REQUIRED WORK: Please copy each line below that contains the word "drawing".

Start of DATA RECORDS

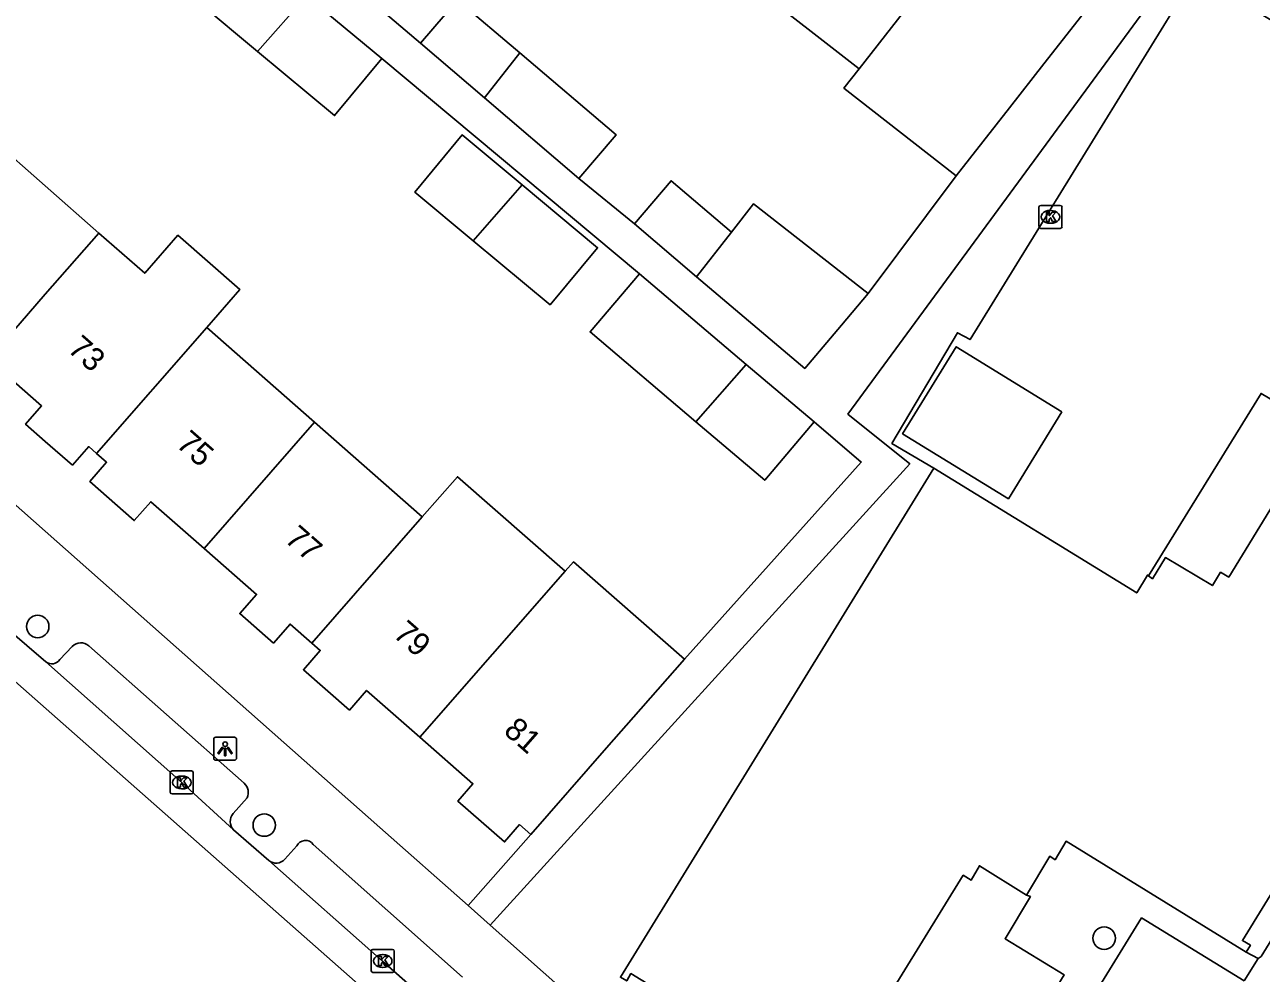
# Model space of a CAD drawing. Extents: x 162812 to 163818, y 381639 to 382470.
# Drawn here: x 162999.1 to 163052.9, y 381861.1 to 381902.4 of the extents above; entities that cross this region are included whole.
import ezdxf

# ---------------------------------------------------------------- set-up
doc = ezdxf.new("R2010")
doc.units = 0
for name, color, linetype in [('IMGEO_Boom', 7, 'Continuous'), ('IMGEO_Hek', 7, 'Continuous'), ('IMGEO_Kolk', 7, 'Continuous'), ('IMGEO_Lichtpunt', 7, 'Continuous'), ('IMGEO_Open_loods', 7, 'Continuous'), ('IMGEO_Pand', 7, 'Continuous'), ('IMGEO_Pand_nummerreeks', 7, 'Continuous'), ('IMGEO_Parkeervlak_open', 7, 'Continuous'), ('IMGEO_Rijbaan_lokaal_gesloten', 7, 'Continuous'), ('IMGEO_Voetpad_gesloten', 7, 'Continuous'), ('IMGEO_Voetpad_halfverhard', 7, 'Continuous'), ('IMGEO_Voetpad_open', 7, 'Continuous')]:
    doc.layers.add(name, color=color, linetype=linetype)

msp = doc.modelspace()

# ---------------------------------------------------------------- linework, layer by layer
at = {"layer": 'IMGEO_Boom'}
for centre in [(162999.67, 381876.203), (163009.526, 381867.569), (163046.064, 381862.651)]:
    msp.add_circle(centre, 0.489, dxfattribs=at)
at = {"layer": 'IMGEO_Hek'}
msp.add_lwpolyline([(163050.243, 381906.292), (163034.914, 381885.439), (163037.605, 381883.275), (163019.349, 381863.218)], dxfattribs=at)
at = {"layer": 'IMGEO_Kolk'}
for p, q in [((163043.226, 381893.583), (163043.226, 381894.435)), ((163043.301, 381894.509), (163044.153, 381894.509)), ((163043.714, 381894.289), (163043.739, 381894.289)), ((163044.227, 381894.435), (163044.227, 381893.583)), ((163043.737, 381893.729), (163043.712, 381893.729)), ((163044.153, 381893.509), (163043.301, 381893.509)), ((163005.437, 381868.996), (163005.437, 381869.848)), ((163005.512, 381869.922), (163006.364, 381869.922)), ((163005.925, 381869.702), (163005.95, 381869.702)), ((163006.438, 381869.848), (163006.438, 381868.996)), ((163006.364, 381868.922), (163005.512, 381868.922)), ((163005.948, 381869.142), (163005.923, 381869.142)), ((163014.179, 381861.234), (163014.179, 381862.086)), ((163014.254, 381862.16), (163015.106, 381862.16)), ((163014.667, 381861.94), (163014.692, 381861.94)), ((163015.18, 381862.086), (163015.18, 381861.234)), ((163014.69, 381861.38), (163014.665, 381861.38)), ((163015.106, 381861.16), (163014.254, 381861.16))]:
    msp.add_line(p, q, dxfattribs=at)
for points in [[(163043.226, 381893.583), (163043.226, 381894.435)], [(163043.301, 381894.509), (163044.153, 381894.509)], [(163043.547, 381894.209), (163043.67, 381894.209), (163043.67, 381894.058), (163043.8, 381894.209), (163043.964, 381894.209), (163043.818, 381894.058), (163043.971, 381893.809), (163043.819, 381893.809), (163043.734, 381893.973), (163043.67, 381893.906), (163043.67, 381893.809), (163043.547, 381893.809), (163043.547, 381894.209)], [(163044.227, 381894.435), (163044.227, 381893.583)], [(163044.153, 381893.509), (163043.301, 381893.509)], [(163005.437, 381868.996), (163005.437, 381869.848)], [(163005.512, 381869.922), (163006.364, 381869.922)], [(163005.758, 381869.622), (163005.881, 381869.622), (163005.881, 381869.471), (163006.011, 381869.622), (163006.175, 381869.622), (163006.029, 381869.471), (163006.182, 381869.222), (163006.03, 381869.222), (163005.945, 381869.386), (163005.881, 381869.319), (163005.881, 381869.222), (163005.758, 381869.222), (163005.758, 381869.622)], [(163006.438, 381869.848), (163006.438, 381868.996)], [(163006.364, 381868.922), (163005.512, 381868.922)], [(163014.179, 381861.234), (163014.179, 381862.086)], [(163014.254, 381862.16), (163015.106, 381862.16)], [(163015.18, 381862.086), (163015.18, 381861.234)], [(163014.5, 381861.86), (163014.623, 381861.86), (163014.623, 381861.709), (163014.753, 381861.86), (163014.917, 381861.86), (163014.771, 381861.709), (163014.924, 381861.46), (163014.772, 381861.46), (163014.687, 381861.624), (163014.623, 381861.557), (163014.623, 381861.46), (163014.5, 381861.46), (163014.5, 381861.86)], [(163015.106, 381861.16), (163014.254, 381861.16)]]:
    msp.add_lwpolyline(points, dxfattribs=at)
for centre, start, end in [((163043.303, 381894.433), 91.552, 178.448), ((163043.303, 381894.433), 91.552, 178.448), ((163044.151, 381894.433), 1.552, 88.448), ((163044.151, 381894.433), 1.552, 88.448), ((163043.303, 381893.585), 181.552, 268.448), ((163043.303, 381893.585), 181.552, 268.448), ((163044.151, 381893.585), 271.552, 358.448), ((163044.151, 381893.585), 271.552, 358.448), ((163005.514, 381869.846), 91.552, 178.448), ((163005.514, 381869.846), 91.552, 178.448), ((163006.362, 381869.846), 1.552, 88.448), ((163006.362, 381869.846), 1.552, 88.448), ((163005.514, 381868.998), 181.552, 268.448), ((163005.514, 381868.998), 181.552, 268.448), ((163006.362, 381868.998), 271.552, 358.448), ((163006.362, 381868.998), 271.552, 358.448), ((163014.256, 381862.084), 91.552, 178.448), ((163014.256, 381862.084), 91.552, 178.448), ((163015.104, 381862.084), 1.552, 88.448), ((163015.104, 381862.084), 1.552, 88.448), ((163014.256, 381861.236), 181.552, 268.448), ((163014.256, 381861.236), 181.552, 268.448), ((163015.104, 381861.236), 271.552, 358.448), ((163015.104, 381861.236), 271.552, 358.448)]:
    msp.add_arc(centre, 0.0765, start, end, dxfattribs=at)
for centre, major_axis, ratio, start_param, end_param in [((163043.713, 381894.009), (-0.387, 0.002), 0.722429, 4.712389, 7.853982), ((163043.738, 381894.009), (-0.39, 0.002), 0.717154, 1.570796, 4.712389), ((163005.924, 381869.422), (-0.387, 0.002), 0.722429, 4.712389, 7.853982), ((163005.949, 381869.422), (-0.39, 0.002), 0.717154, 1.570796, 4.712389), ((163014.666, 381861.66), (-0.387, 0.002), 0.722429, 4.712389, 7.853982), ((163014.691, 381861.66), (-0.39, 0.002), 0.717154, 1.570796, 4.712389)]:
    msp.add_ellipse(centre, major_axis=major_axis, ratio=ratio, start_param=start_param, end_param=end_param, dxfattribs=at)
at = {"layer": 'IMGEO_Lichtpunt'}
for p, q in [((163007.325, 381871.289), (163007.325, 381870.482)), ((163007.325, 381871.289), (163007.325, 381870.482)), ((163008.227, 381871.384), (163007.419, 381871.384)), ((163008.227, 381871.384), (163007.419, 381871.384)), ((163008.321, 381870.482), (163008.321, 381871.289)), ((163008.321, 381870.482), (163008.321, 381871.289)), ((163007.419, 381870.388), (163008.227, 381870.388)), ((163007.419, 381870.388), (163008.227, 381870.388))]:
    msp.add_line(p, q, dxfattribs=at)
for points in [[(163007.699, 381870.953), (163007.738, 381870.925), (163007.55, 381870.663), (163007.512, 381870.69), (163007.699, 381870.953)], [(163007.801, 381870.905), (163007.848, 381870.905), (163007.848, 381870.583), (163007.801, 381870.583), (163007.801, 381870.905)], [(163007.911, 381870.925), (163007.949, 381870.952), (163008.136, 381870.69), (163008.097, 381870.662), (163007.911, 381870.925)]]:
    msp.add_lwpolyline(points, dxfattribs=at)
msp.add_circle((163007.824, 381871.087), 0.0994, dxfattribs=at)
for centre, start, end in [((163007.419, 381871.289), 90, 180), ((163007.419, 381871.289), 90, 180), ((163008.227, 381871.289), 0, 90), ((163008.227, 381871.289), 0, 90), ((163007.419, 381870.482), 180, 270), ((163007.419, 381870.482), 180, 270), ((163008.227, 381870.482), 270, 0), ((163008.227, 381870.482), 270, 360)]:
    msp.add_arc(centre, 0.0946, start, end, dxfattribs=at)
at = {"layer": 'IMGEO_Open_loods'}
msp.add_lwpolyline([(163044.218, 381885.539), (163039.624, 381888.364), (163037.291, 381884.581), (163041.895, 381881.752), (163044.218, 381885.539)], dxfattribs=at)
at = {"layer": 'IMGEO_Pand'}
for points in [[(163035.402, 381900.447), (163037.065, 381902.574), (163041.636, 381908.421)], [(163009.236, 381901.193), (163006.689, 381903.311), (163008.754, 381905.794)], [(163039.628, 381895.786), (163041.95, 381898.756), (163043.442, 381900.664), (163046.521, 381904.603)], [(163030.653, 381904.16), (163035.402, 381900.447)], [(163011.364, 381903.623), (163009.236, 381901.193)], [(163014.646, 381900.893), (163011.364, 381903.623)], [(163016.322, 381901.554), (163017.936, 381903.448), (163020.641, 381901.143)], [(163014.646, 381900.893), (163012.581, 381898.41), (163009.236, 381901.193)], [(163016.322, 381901.554), (163019.108, 381899.18)], [(163019.108, 381899.18), (163020.641, 381901.143)], [(163020.641, 381901.143), (163024.827, 381897.576), (163023.213, 381895.682)], [(163035.402, 381900.447), (163034.743, 381899.605), (163039.628, 381895.786)], [(163019.108, 381899.18), (163023.213, 381895.682)], [(163018.615, 381892.969), (163016.068, 381895.087), (163018.133, 381897.57), (163020.742, 381895.399)], [(162997.647, 381897.414), (163000, 381895.351), (163002.332, 381893.306)], [(163020.742, 381895.399), (163024.025, 381892.669), (163021.96, 381890.186), (163018.615, 381892.969)], [(163020.742, 381895.399), (163018.615, 381892.969)], [(163025.63, 381893.703), (163027.222, 381895.579), (163029.852, 381893.348)], [(163035.802, 381890.676), (163030.812, 381894.576), (163029.852, 381893.348)], [(163025.63, 381893.703), (163028.335, 381891.407)], [(162997.523, 381887.813), (163000, 381890.642), (163002.332, 381893.306)], [(163002.332, 381893.306), (163004.326, 381891.558), (163005.771, 381893.209), (163008.469, 381890.848), (163007.021, 381889.194)], [(163029.852, 381893.348), (163028.335, 381891.407)], [(163052.243, 381862.047), (163052.426, 381862.343), (163052.073, 381862.544), (163067.621, 381887.819), (163067.971, 381887.615), (163068.12, 381887.891), (163060.306, 381892.706), (163055.376, 381884.686)], [(163028.306, 381885.099), (163023.698, 381889.004), (163025.843, 381891.535)], [(163030.492, 381887.595), (163025.843, 381891.535)], [(163028.335, 381891.407), (163033.037, 381887.418), (163034.629, 381889.294), (163035.802, 381890.676)], [(163007.021, 381889.194), (163002.233, 381883.724)], [(163007.021, 381889.194), (163011.711, 381885.082)], [(162997.523, 381887.813), (162999.837, 381885.789), (162999.142, 381884.995), (163000, 381884.245), (163001.178, 381883.215), (163001.888, 381884.026), (163002.233, 381883.724)], [(163030.492, 381887.595), (163028.306, 381885.099)], [(163033.443, 381885.093), (163030.492, 381887.595)], [(163006.907, 381879.594), (163011.711, 381885.082)], [(163011.711, 381885.082), (163016.4, 381880.969)], [(163033.443, 381885.093), (163031.298, 381882.562), (163028.306, 381885.099)], [(163055.376, 381884.686), (163051.48, 381878.348), (163051.127, 381878.561), (163050.773, 381877.977), (163048.727, 381879.199), (163048.162, 381878.277), (163047.993, 381878.397)], [(163002.233, 381883.724), (163002.666, 381883.345), (163001.931, 381882.506), (163003.871, 381880.807), (163004.587, 381881.625), (163006.907, 381879.594)], [(163033.858, 381855.537), (163033.587, 381855.698), (163033.798, 381856.014), (163025.478, 381861.115), (163025.295, 381860.793), (163025.018, 381860.951), (163038.651, 381883.086)], [(163047.993, 381878.397), (163047.942, 381878.433), (163047.476, 381877.66), (163038.651, 381883.086)], [(163016.4, 381880.969), (163017.926, 381882.712), (163022.62, 381878.602)], [(163016.4, 381880.969), (163011.592, 381875.478)], [(163006.907, 381879.594), (163009.19, 381877.595), (163008.459, 381876.76), (163009.925, 381875.477), (163010.648, 381876.304), (163011.592, 381875.478)], [(163016.298, 381871.384), (163022.62, 381878.602)], [(163022.62, 381878.602), (163022.978, 381879.01), (163027.8, 381874.781)], [(163011.592, 381875.478), (163011.958, 381875.158), (163011.225, 381874.321), (163013.227, 381872.568), (163013.973, 381873.42), (163016.298, 381871.384)], [(163021.124, 381867.159), (163024.418, 381870.921), (163025.912, 381872.628), (163027.8, 381874.781)], [(163016.298, 381871.384), (163018.603, 381869.366), (163017.945, 381868.613), (163019.976, 381866.835), (163020.635, 381867.587), (163021.124, 381867.159)], [(163042.683, 381864.525), (163043.696, 381866.214), (163043.929, 381866.063), (163044.407, 381866.863), (163052.243, 381862.047)], [(163033.858, 381855.537), (163039.929, 381865.387), (163040.27, 381865.173), (163040.637, 381865.799), (163042.683, 381864.525)]]:
    msp.add_lwpolyline(points, dxfattribs=at)
at = {"layer": 'IMGEO_Parkeervlak_open'}
msp.add_lwpolyline([(163038.651, 381883.086), (163036.828, 381884.162), (163039.676, 381888.972), (163040.229, 381888.673), (163050.041, 381904.572), (163054.928, 381901.596)], dxfattribs=at)
at = {"layer": 'IMGEO_Rijbaan_lokaal_gesloten'}
for points in [[(163033.586, 381843.037), (162961.909, 381906.251)], [(162998.365, 381876.08), (163000.024, 381874.661)], [(163000.024, 381874.661), (163005.934, 381869.421), (163008.194, 381867.36)], [(163008.194, 381867.36), (163009.728, 381866.027)], [(163009.728, 381866.027), (163014.675, 381861.658), (163017.731, 381858.952)]]:
    msp.add_lwpolyline(points, dxfattribs=at)
at = {"layer": 'IMGEO_Voetpad_gesloten'}
for points in [[(163054.736, 381885.241), (163052.886, 381886.336), (163047.993, 381878.397)], [(163042.683, 381864.525), (163042.857, 381864.459), (163041.755, 381862.626), (163044.321, 381861.059), (163042.746, 381858.478)]]:
    msp.add_lwpolyline(points, dxfattribs=at)
at = {"layer": 'IMGEO_Voetpad_halfverhard'}
for points in [[(163050.243, 381906.292), (163034.914, 381885.439), (163037.605, 381883.275), (163019.349, 381863.218)], [(163013.843, 381903.678), (163016.322, 381901.554)], [(163025.843, 381891.535), (163014.646, 381900.893)], [(163023.213, 381895.682), (163025.63, 381893.703)], [(163035.802, 381890.676), (163039.628, 381895.786)], [(163027.8, 381874.781), (163035.497, 381883.351), (163033.443, 381885.093)], [(163018.388, 381864.069), (163021.124, 381867.159)]]:
    msp.add_lwpolyline(points, dxfattribs=at)
at = {"layer": 'IMGEO_Voetpad_open'}
for points in [[(163018.388, 381864.069), (163014.552, 381867.466), (163000, 381880.34), (162981.702, 381896.529), (162934.017, 381938.656)], [(163068.653, 381891.896), (163069.028, 381888.05), (163068.715, 381887.535), (163052.897, 381861.856), (163052.762, 381861.77)], [(163000.634, 381874.763), (163001.173, 381875.336)], [(163001.891, 381875.355), (163008.651, 381869.389)], [(163008.778, 381868.753), (163008.171, 381868.071)], [(163010.418, 381866.087), (163010.943, 381866.661)], [(163011.653, 381866.729), (163018.155, 381860.959)], [(163019.349, 381863.218), (163018.388, 381864.069)], [(163044.092, 381857.691), (163047.687, 381863.531), (163052.152, 381860.804)], [(163031.785, 381852.208), (163019.349, 381863.218)], [(163052.762, 381861.77), (163052.243, 381862.047)], [(163052.762, 381861.77), (163052.152, 381860.804)]]:
    msp.add_lwpolyline(points, dxfattribs=at)
for centre, radius, start, end in [((163001.542, 381874.986), 0.508, 46.5705, 136.4611), ((163000.279, 381875.012), 0.433, 233.9808, 325.0048), ((163008.283, 381868.985), 0.547, 334.9016, 47.6836), ((163008.573, 381867.728), 0.529, 139.5615, 224.1441), ((163011.318, 381866.484), 0.415, 36.1978, 154.7438), ((163010.042, 381866.412), 0.497, 230.7997, 319.1398)]:
    msp.add_arc(centre, radius, start, end, dxfattribs=at)

# ---------------------------------------------------------------- texts
at = {"layer": 'IMGEO_Pand_nummerreeks'}
for s, rotation, p in [('73', 318.7965, (163000.926, 381888.192)), ('75', 318.7965, (163005.645, 381884.06)), ('77', 318.7965, (163010.364, 381879.929)), ('79', 318.7965, (163015.084, 381875.797)), ('81', 318.7986, (163019.889, 381871.592))]:
    msp.add_text(s, height=1, rotation=rotation, dxfattribs=at).set_placement(p)

doc.saveas('drawing.dxf')

End of DATA RECORDS

SOLVED PROBLEM:
# Model space of a CAD drawing. Extents: x 162812 to 163818, y 381639 to 382470.
doc.saveas('drawing.dxf')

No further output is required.